Pilot compensation has become a major topic across the industry in recent years. A pilot shortage that intensified during the early 2020s pushed airlines to negotiate new union contracts and improve pay in order to attract new and retain existing flight crews. As a result, even low-cost carriers that historically lagged behind the largest airlines in compensation have increased hourly pay rates and improved benefits packages. The result is a pay scale that can start near six figures for new hires and reach well into the hundreds of thousands of dollars for experienced captains.
How Pilot Pay Works On Low-Cost Carriers
Pilot salaries depend heavily on seniority, position, and the number of flight hours flown each month. This is typical throughout the industry, including with the large legacy carriers. Airline pilots in the United States are typically paid on an hourly basis rather than a fixed annual salary. The hourly rate varies depending on a pilot’s role, the type of aircraft flown, and the pilot’s seniority within the airline. First officers, also known as co-pilots, receive a lower hourly rate when they begin their careers. As they gain years of service, their pay increases at a predetermined scale defined in union contracts.

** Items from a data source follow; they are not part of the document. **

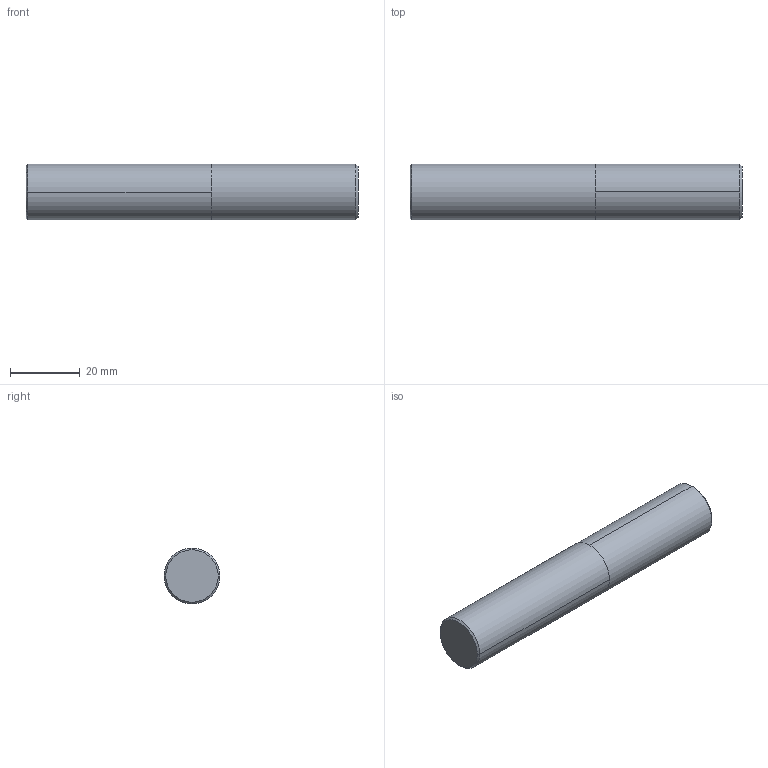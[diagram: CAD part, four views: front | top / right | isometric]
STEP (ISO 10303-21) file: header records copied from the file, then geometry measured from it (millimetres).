
FILE_DESCRIPTION (( 'STEP AP203' ), '1' );
FILE_NAME ('03-1763.STEP', '2021-09-10T07:22:13', ( 'USER' ), ( 'Hewlett-Packard Company' ), 'SwSTEP 2.0', 'SolidWorks 2014', '' );
FILE_SCHEMA (( 'CONFIG_CONTROL_DESIGN' ));
Length unit declared in the file: millimetre
Products named in the file (1): 03-1763
Bounding box: 95 x 16 x 16 mm (x, y, z)
Volume: 19085.9 mm3; surface area: 5546.3 mm2
Topology: 2 solids, 2 shells, 12 faces, 20 edges, 12 vertices
Faces by surface type: cylinder 4, cone 4, plane 4
Entity records: 359 total; most frequent: DIRECTION 58, CARTESIAN_POINT 45, ORIENTED_EDGE 40, AXIS2_PLACEMENT_3D 25, EDGE_CURVE 20, EDGE_LOOP 12, VERTEX_POINT 12, FACE_OUTER_BOUND 12
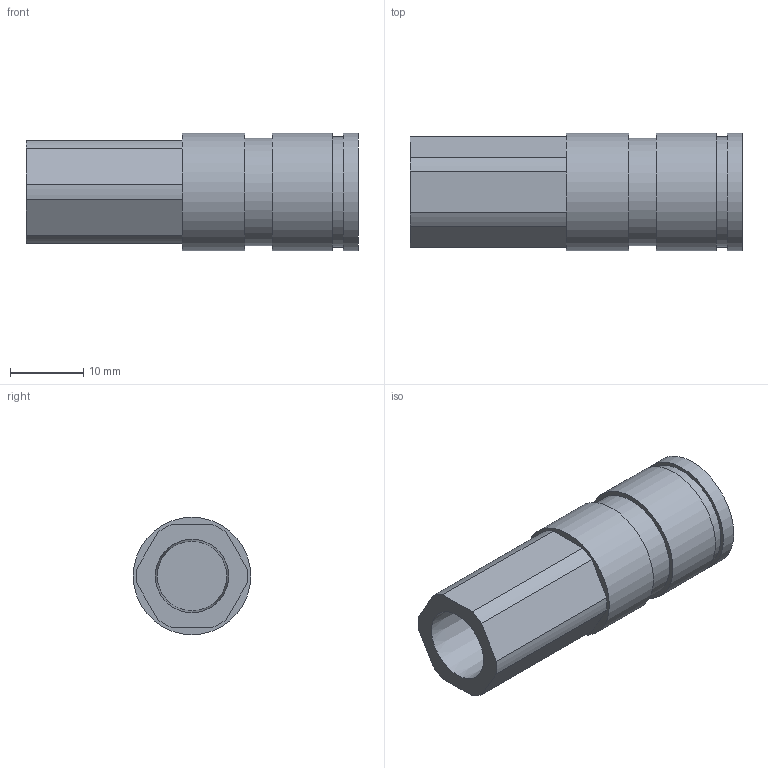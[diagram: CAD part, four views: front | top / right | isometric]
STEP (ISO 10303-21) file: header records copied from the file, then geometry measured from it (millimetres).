
FILE_DESCRIPTION((''),'2;1');
FILE_NAME('Z:\客先\あ行\アオイ\99_その他\3D_DATA\CPR_Series\9CPR-SSV-RC-C\STEP\203\CPR-SSV-RC1-8-C.ipt.stp','2008-07-02T15:27:49',(''),(''),'Autodesk Inventor 2009','Autodesk Inventor 2009','');
FILE_SCHEMA(('CONFIG_CONTROL_DESIGN'));
Length unit declared in the file: millimetre
Products named in the file (1): CPR-SSV-RC1-8-C
Bounding box: 45.2 x 16 x 16 mm (x, y, z)
Volume: 6400.3 mm3; surface area: 3451.1 mm2
Topology: 1 solids, 1 shells, 28 faces, 57 edges, 38 vertices
Faces by surface type: plane 15, cylinder 12, cone 1
Full cylindrical faces by diameter (mm): 9.1 x1, 14.7 x1, 15 x1, 16 x3
Entity records: 729 total; most frequent: DIRECTION 134, CARTESIAN_POINT 117, ORIENTED_EDGE 100, AXIS2_PLACEMENT_3D 55, EDGE_CURVE 50, EDGE_LOOP 42, VERTEX_POINT 38, FACE_OUTER_BOUND 28

Most airlines guarantee a minimum number of paid flight hours each month. For many low-cost carriers, this guarantee ranges from around 70 to 75 hours. Even if a pilot flies fewer hours due to scheduling or operational factors, they are still paid for the minimum guarantee. This system provides a predictable income while allowing pilots to earn more by picking up additional flying or overtime. Pilots also receive compensation beyond their base hourly rate. Additional income may come from per diem allowances during trips, holiday pay, training pay, and bonuses for extra flights. Per diem payments at low-cost carriers generally range from two to three dollars per hour while traveling, covering food and incidental expenses. Over the course of a year, these additional payments can add thousands of dollars to a pilot’s total earnings. Aside from the guaranteed monthly hours and per diem rates, this pay structure is nearly identical to that of legacy airlines.
Allegiant Air Salaries
Allegiant Air is one of the most distinctive low-cost carriers in the United States. The airline focuses primarily on leisure routes connecting smaller cities with major vacation destinations such as Las Vegas, Orlando, and Florida beach markets. Because the airline operates many out-and-back routes that allow pilots to return home the same day, its schedule structure is often seen as appealing for pilots seeking better work-life balance.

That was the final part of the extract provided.